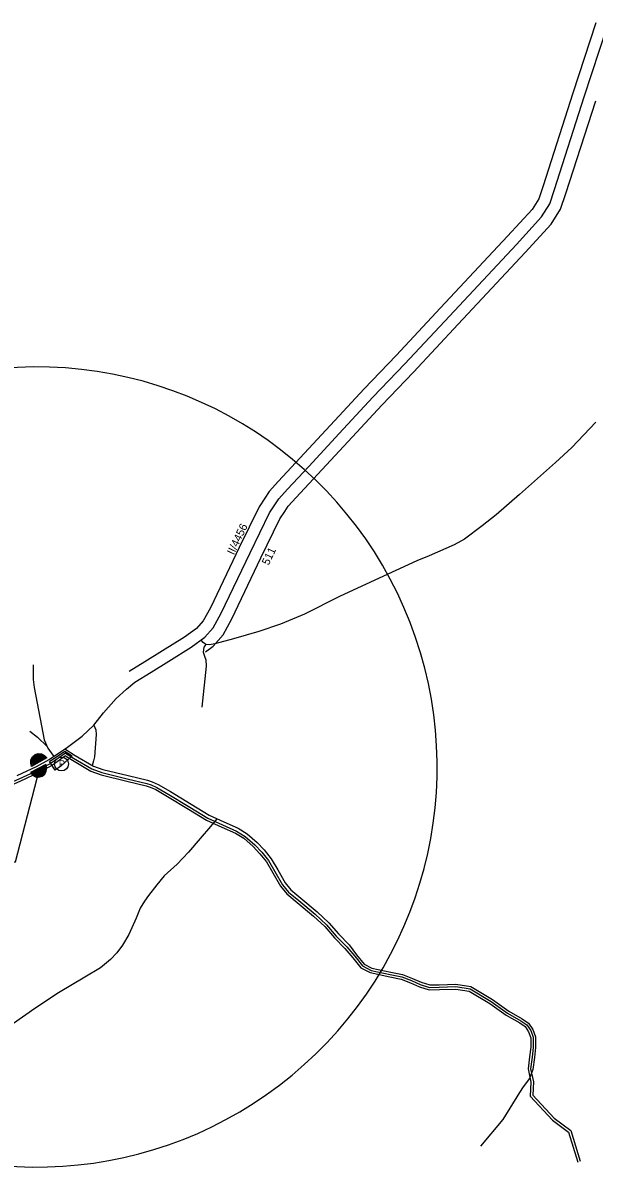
# Model space of a CAD drawing. Extents: x -547395 to -536032, y -1096268 to -1086572.
# Drawn here: x -544029 to -543316, y -1094854 to -1093424 of the extents above; entities that cross this region are included whole.
import ezdxf

# ---------------------------------------------------------------- set-up
doc = ezdxf.new("R2010")
doc.units = 0
for name, color, linetype in [('Vrstva 12', 7, 'Continuous'), ('Vrstva 29', 7, 'Continuous'), ('Vrstva 64', 7, 'Continuous'), ('Vrstva 66', 7, 'Continuous'), ('Vrstva 7', 7, 'Continuous'), ('Vrstva 70', 7, 'Continuous'), ('Vrstva 73', 7, 'Continuous'), ('Vrstva 76', 7, 'Continuous'), ('Vrstva 8', 7, 'Continuous')]:
    doc.layers.add(name, color=color, linetype=linetype)

msp = doc.modelspace()

# ---------------------------------------------------------------- linework, layer by layer
at = {"layer": 'Vrstva 12'}
for points in [[(-543313.5, -1093922.9), (-543343.4, -1093954.4), (-543364, -1093973.2), (-543408.9, -1094013.1), (-543438, -1094038.8), (-543455.6, -1094052.5), (-543477.4, -1094068.9), (-543490.2, -1094076), (-543521.6, -1094090), (-543537, -1094096.2), (-543589.3, -1094120.2), (-543633.5, -1094140.7), (-543677.1, -1094162.9), (-543707.2, -1094175.4), (-543734.2, -1094184.5), (-543765.8, -1094193.6), (-543789, -1094199.7), (-543795.9, -1094201.3), (-543800.2, -1094200.7), (-543803.6, -1094198.1), (-543806.4, -1094195.1)], [(-543800.2, -1094200.7), (-543803, -1094204.2), (-543803.9, -1094210.1), (-543802.1, -1094215.3), (-543800.5, -1094219.9), (-543799.8, -1094227.9), (-543805.3, -1094279)], [(-544020.1, -1094309.1), (-544010.6, -1094316.7), (-543998.5, -1094328.2)], [(-543786.5, -1094418.4), (-543794.7, -1094428.2), (-543807.3, -1094443.1), (-543822, -1094460.4), (-543836.3, -1094475.1), (-543852.2, -1094489.9), (-543861.5, -1094501.1), (-543871.9, -1094514.5), (-543877, -1094521.5), (-543882.3, -1094530.3), (-543887.3, -1094542.5), (-543896.5, -1094563.1), (-543904.6, -1094576.5), (-543911.5, -1094586.2), (-543919.4, -1094594.2), (-543932, -1094604.7), (-543951.6, -1094616.4), (-543984.2, -1094636.1), (-544014, -1094655.4), (-544040.3, -1094674.4)], [(-543621.6, -1094575.9), (-543612.1, -1094588.6), (-543602.9, -1094600.1), (-543593.1, -1094605.1), (-543569.6, -1094610), (-543554.7, -1094613.2), (-543542.4, -1094617.9), (-543531.6, -1094622.8), (-543520.9, -1094626.2), (-543509, -1094625.9), (-543488.2, -1094625.3), (-543469.4, -1094628.3), (-543442.6, -1094644.3), (-543422.1, -1094658.9), (-543405.5, -1094668.4), (-543397.4, -1094673.8), (-543392.1, -1094681.9), (-543388.8, -1094691.1), (-543388.8, -1094704.5), (-543390.2, -1094716.9), (-543392.2, -1094731.8), (-543396.5, -1094742.9), (-543404.2, -1094753.4), (-543409, -1094760.5), (-543429.6, -1094794.2), (-543457.7, -1094827.8)]]:
    msp.add_lwpolyline(points, dxfattribs=at)
at = {"layer": 'Vrstva 29'}
msp.add_lwpolyline([(-543967.3, -1094339.7), (-543981.3, -1094352.8), (-543988.5, -1094357.9), (-543995.4, -1094347), (-543976.5, -1094334.1)], close=True, dxfattribs=at)
msp.add_circle((-543980.5, -1094350), 8.68, dxfattribs=at)
at = {"layer": 'Vrstva 64'}
msp.add_arc((-544011.6, -1094353.8), 500, 235.7806, 162.0112, dxfattribs=at)
at = {"layer": 'Vrstva 66'}
for points in [[(-543313.4, -1093423.8), (-543342.3, -1093511.8), (-543379.4, -1093627.5), (-543384.8, -1093643.6), (-543393.2, -1093657), (-543423.8, -1093690.5), (-543507.3, -1093780), (-543562.8, -1093839.7), (-543602.6, -1093881.1), (-543644.8, -1093926.6), (-543682.9, -1093967.9), (-543709.7, -1093996.6), (-543721.3, -1094009.5), (-543726.6, -1094017.8), (-543733.9, -1094028.6), (-543758.7, -1094079.5), (-543794.5, -1094154.7), (-543803.6, -1094171.1), (-543811.9, -1094180.5), (-543827, -1094191.7), (-543854.3, -1094208.8), (-543876.5, -1094222.4), (-543896.2, -1094234.4)], [(-543800.9, -1094209.7), (-543791.4, -1094202.7), (-543778.9, -1094188.4), (-543767.8, -1094168.5), (-543731.6, -1094092.5), (-543707.9, -1094043.7), (-543701.6, -1094034.3), (-543697.4, -1094027.7), (-543687.6, -1094016.8), (-543660.9, -1093988.3), (-543622.8, -1093946.9), (-543580.8, -1093901.7), (-543541, -1093860.3), (-543485.3, -1093800.4), (-543401.7, -1093710.8), (-543369.2, -1093675.2), (-543357.5, -1093656.5), (-543350.9, -1093636.9), (-543313.7, -1093521.1)]]:
    msp.add_lwpolyline(points, dxfattribs=at)
at = {"layer": 'Vrstva 7'}
msp.add_lwpolyline([(-544035.9, -1094364.5), (-544011.6, -1094353.2), (-543996.1, -1094344.6), (-543973.2, -1094328.8), (-543954.6, -1094315.3), (-543940.1, -1094301.6), (-543928.2, -1094286.1), (-543912.1, -1094268), (-543899.6, -1094256.7), (-543889.2, -1094247.7), (-543868.7, -1094235.2), (-543846.4, -1094221.6), (-543818.6, -1094204.1), (-543801.7, -1094191.6), (-543791.2, -1094179.7), (-543781.1, -1094161.6), (-543745.2, -1094086), (-543720.9, -1094036.2), (-543714.1, -1094026), (-543709.3, -1094018.6), (-543698.6, -1094006.7), (-543671.9, -1093978.1), (-543633.8, -1093936.8), (-543591.7, -1093891.4), (-543551.9, -1093850), (-543496.3, -1093790.2), (-543412.7, -1093700.6), (-543381.2, -1093666.1), (-543371.1, -1093650.1), (-543365.2, -1093632.2), (-543328, -1093516.4), (-543299.2, -1093428.7)], dxfattribs=at)
at = {"layer": 'Vrstva 70'}
for points in [[(-543975.5, -1094336.5), (-543993.5, -1094348.9), (-544009.3, -1094357.7), (-544033.9, -1094369.1), (-544071.1, -1094385.2), (-544093.2, -1094394.7)], [(-543975.4, -1094340), (-543991.9, -1094351.4), (-544007.9, -1094360.4), (-544032.7, -1094371.8), (-544070, -1094388), (-544092, -1094397.4)], [(-543975.5, -1094336.5), (-543965.5, -1094342.6), (-543942.5, -1094356.2), (-543930.1, -1094360.6), (-543898.4, -1094368.4), (-543874.1, -1094374.3), (-543868.8, -1094376), (-543861.5, -1094379.4), (-543846.7, -1094388), (-543820.5, -1094403.8), (-543798, -1094417.6), (-543779.4, -1094426), (-543762.1, -1094434), (-543751.3, -1094440.5), (-543739.2, -1094451.2), (-543730.5, -1094460.1), (-543722.2, -1094470.8), (-543714.1, -1094484.4), (-543704.5, -1094501), (-543697.2, -1094510.1), (-543684.4, -1094520.8), (-543664, -1094537.7), (-543649.6, -1094551.2), (-543637.5, -1094565.1), (-543624.5, -1094578.7)], [(-543975.4, -1094340), (-543967, -1094345.2), (-543943.8, -1094359), (-543930.9, -1094363.5), (-543899.1, -1094371.3), (-543874.9, -1094377.2), (-543869.9, -1094378.8), (-543862.9, -1094382), (-543848.2, -1094390.6), (-543822.1, -1094406.3), (-543799.4, -1094420.2), (-543780.6, -1094428.8), (-543763.5, -1094436.6), (-543753.1, -1094442.9), (-543741.2, -1094453.3), (-543732.8, -1094462.1), (-543724.6, -1094472.5), (-543716.7, -1094485.9), (-543707, -1094502.7), (-543699.4, -1094512.3), (-543686.3, -1094523.1), (-543666, -1094540), (-543651.8, -1094553.3), (-543639.7, -1094567.1), (-543626.7, -1094580.7)], [(-543626.7, -1094580.7), (-543616.8, -1094592.4), (-543606.8, -1094604.8), (-543595.1, -1094610.8), (-543570.8, -1094615.9), (-543556.4, -1094618.9), (-543544.7, -1094623.5), (-543533.7, -1094628.4), (-543521.7, -1094632.2), (-543508.8, -1094631.9), (-543488.5, -1094631.3), (-543471.5, -1094634), (-543445.9, -1094649.4), (-543425.4, -1094664), (-543408.6, -1094673.6), (-543401.8, -1094678.1), (-543397.5, -1094684.6), (-543394.8, -1094692.1), (-543394.8, -1094704.1), (-543396.2, -1094716.2), (-543398.1, -1094731.2), (-543394.5, -1094747.5), (-543395.4, -1094765.1), (-543367.5, -1094795), (-543347.5, -1094810), (-543336, -1094847.6)], [(-543624.5, -1094578.7), (-543614.5, -1094590.4), (-543604.8, -1094602.4), (-543594.1, -1094608), (-543570.2, -1094613), (-543555.6, -1094616), (-543543.5, -1094620.7), (-543532.7, -1094625.6), (-543521.3, -1094629.2), (-543508.9, -1094628.9), (-543488.3, -1094628.3), (-543470.5, -1094631.1), (-543444.3, -1094646.9), (-543423.7, -1094661.5), (-543407, -1094671), (-543399.6, -1094676), (-543394.8, -1094683.2), (-543391.8, -1094691.6), (-543391.8, -1094704.3), (-543393.2, -1094716.5), (-543395.1, -1094731), (-543391.5, -1094747.3), (-543392.3, -1094764), (-543365.5, -1094792.8), (-543344.9, -1094808.2), (-543333.2, -1094846.5)]]:
    msp.add_lwpolyline(points, dxfattribs=at)
at = {"layer": 'Vrstva 73'}
msp.add_lwpolyline([(-544035.9, -1094364.5), (-544011.6, -1094353.2), (-543996.1, -1094344.6), (-543973.2, -1094328.8), (-543954.6, -1094315.3), (-543940.1, -1094301.6), (-543928.2, -1094286.1), (-543912.1, -1094268), (-543899.6, -1094256.7), (-543889.2, -1094247.7), (-543868.7, -1094235.2), (-543846.4, -1094221.6), (-543818.6, -1094204.1), (-543801.7, -1094191.6), (-543791.2, -1094179.7), (-543781.1, -1094161.6), (-543745.2, -1094086), (-543720.9, -1094036.2), (-543714.1, -1094026), (-543709.3, -1094018.6), (-543698.6, -1094006.7), (-543671.9, -1093978.1), (-543633.8, -1093936.8), (-543591.7, -1093891.4), (-543551.9, -1093850), (-543496.3, -1093790.2), (-543412.7, -1093700.6), (-543381.2, -1093666.1), (-543371.1, -1093650.1), (-543365.2, -1093632.2), (-543328, -1093516.4), (-543299.2, -1093428.7)], dxfattribs=at)
at = {"layer": 'Vrstva 76'}
for points in [[(-544013.5, -1094338.3), (-544009.5, -1094337), (-544005.3, -1094337.4), (-544001.6, -1094339.3), (-543998.8, -1094342.5), (-544017.8, -1094353), (-544019, -1094348.9), (-544018.7, -1094344.7), (-544016.7, -1094341)], [(-544013.1, -1094339), (-544009.4, -1094337.8), (-544005.5, -1094338.1), (-544002.1, -1094339.9), (-544000.1, -1094342.3), (-544017.3, -1094351.8), (-544018.2, -1094348.8), (-544017.9, -1094345), (-544016.1, -1094341.5)], [(-544012.7, -1094339.7), (-544009.3, -1094338.6), (-544005.8, -1094338.9), (-544002.6, -1094340.6), (-544001.3, -1094342.1), (-544016.8, -1094350.6), (-544017.4, -1094348.8), (-544017.1, -1094345.2), (-544015.5, -1094342)], [(-544012.3, -1094340.4), (-544009.2, -1094339.4), (-544006, -1094339.7), (-544003.1, -1094341.2), (-544002.6, -1094341.8), (-544016.4, -1094349.4), (-544016.6, -1094348.7), (-544016.3, -1094345.4), (-544014.8, -1094342.5)], [(-544011.9, -1094341.1), (-544009.1, -1094340.2), (-544006.2, -1094340.5), (-544003.9, -1094341.7), (-544015.8, -1094348.2), (-544015.5, -1094345.6), (-544014.2, -1094343)], [(-544011.5, -1094341.9), (-544009, -1094341.1), (-544006.4, -1094341.3), (-544005.6, -1094341.7), (-544014.8, -1094346.8), (-544014.8, -1094345.9), (-544013.6, -1094343.5)], [(-544011.2, -1094342.6), (-544009, -1094341.9), (-544007.8, -1094342), (-544013.5, -1094345.1), (-544012.9, -1094344.1)], [(-544004.8, -1094365.3), (-544001.5, -1094362.7), (-543999.5, -1094359), (-543999, -1094354.8), (-544000.1, -1094350.7), (-544019.4, -1094360.6), (-544016.7, -1094363.9), (-544013.1, -1094365.9), (-544008.9, -1094366.4)], [(-544005.2, -1094364.5), (-544002.1, -1094362.1), (-544000.2, -1094358.7), (-543999.8, -1094354.9), (-544000.6, -1094351.9), (-544018.1, -1094360.8), (-544016.2, -1094363.3), (-544012.8, -1094365.2), (-544008.9, -1094365.6)], [(-544005.6, -1094363.8), (-544002.8, -1094361.6), (-544001, -1094358.5), (-544000.6, -1094354.9), (-544001.1, -1094353), (-544016.9, -1094361.1), (-544015.7, -1094362.6), (-544012.6, -1094364.4), (-544009, -1094364.8)], [(-544005.9, -1094363.1), (-544003.4, -1094361.1), (-544001.8, -1094358.2), (-544001.4, -1094355), (-544001.6, -1094354.2), (-544015.7, -1094361.4), (-544015.2, -1094362), (-544012.3, -1094363.6), (-544009.1, -1094364)], [(-544006.3, -1094362.4), (-544004, -1094360.5), (-544002.6, -1094358), (-544002.3, -1094355.4), (-544014.3, -1094361.6), (-544012.1, -1094362.8), (-544009.1, -1094363.2)], [(-544006.7, -1094361.6), (-544004.6, -1094360), (-544003.3, -1094357.7), (-544003.2, -1094356.8), (-544012.6, -1094361.6), (-544011.8, -1094362), (-544009.2, -1094362.4)], [(-544007.1, -1094360.9), (-544005.2, -1094359.5), (-544004.7, -1094358.4), (-544010.4, -1094361.4), (-544009.3, -1094361.5)]]:
    msp.add_lwpolyline(points, close=True, dxfattribs=at)
msp.add_lwpolyline([(-544127.5, -1094472.3), (-544037.8, -1094472.3), (-544008.2, -1094356.5)], dxfattribs=at)
at = {"layer": 'Vrstva 8'}
for points in [[(-544016.1, -1094226.1), (-544015.8, -1094244.6), (-544014.6, -1094254.4), (-544005.6, -1094302.3), (-544002.1, -1094319.9), (-543997.6, -1094330.3), (-543993.4, -1094336.2), (-543990.3, -1094340.6)], [(-543940.1, -1094301.6), (-543937.6, -1094307.4), (-543937.4, -1094313.3), (-543939.5, -1094341), (-543940.4, -1094345.9), (-543942.3, -1094351.7)], [(-543976.5, -1094331.1), (-543963.4, -1094339.2), (-543940.8, -1094352.6), (-543928.9, -1094356.8), (-543897.4, -1094364.5), (-543873, -1094370.4), (-543867.4, -1094372.2), (-543859.7, -1094375.8), (-543844.6, -1094384.6), (-543818.5, -1094400.4), (-543796.2, -1094414), (-543777.7, -1094422.4), (-543760.2, -1094430.4), (-543748.9, -1094437.3), (-543736.4, -1094448.3), (-543727.5, -1094457.5), (-543718.8, -1094468.5), (-543710.7, -1094482.3), (-543701.2, -1094498.7), (-543694.3, -1094507.3), (-543681.8, -1094517.8), (-543661.3, -1094534.7), (-543646.8, -1094548.4), (-543634.6, -1094562.4), (-543621.6, -1094575.9)]]:
    msp.add_lwpolyline(points, dxfattribs=at)

# ---------------------------------------------------------------- texts
at = {"layer": 'Vrstva 29'}
msp.add_text('P', height=8.75, dxfattribs=at).set_placement((-543983.9, -1094354.1))
at = {"layer": 'Vrstva 7'}
msp.add_text('II/4456', height=10, rotation=64.5523, dxfattribs=at).set_placement((-543765.4, -1094089.5))
at = {"layer": 'Vrstva 73'}
msp.add_text('511', height=10, rotation=64.5523, dxfattribs=at).set_placement((-543722, -1094102.4))

doc.saveas('drawing.dxf')

**WORK TO COMPLETE**
Look through the lines above and collect those with the word "rotation".

**ANSWER FOR THIS EXERCISE**
msp.add_text('II/4456', height=10, rotation=64.5523, dxfattribs=at).set_placement((-543765.4, -1094089.5))
msp.add_text('511', height=10, rotation=64.5523, dxfattribs=at).set_placement((-543722, -1094102.4))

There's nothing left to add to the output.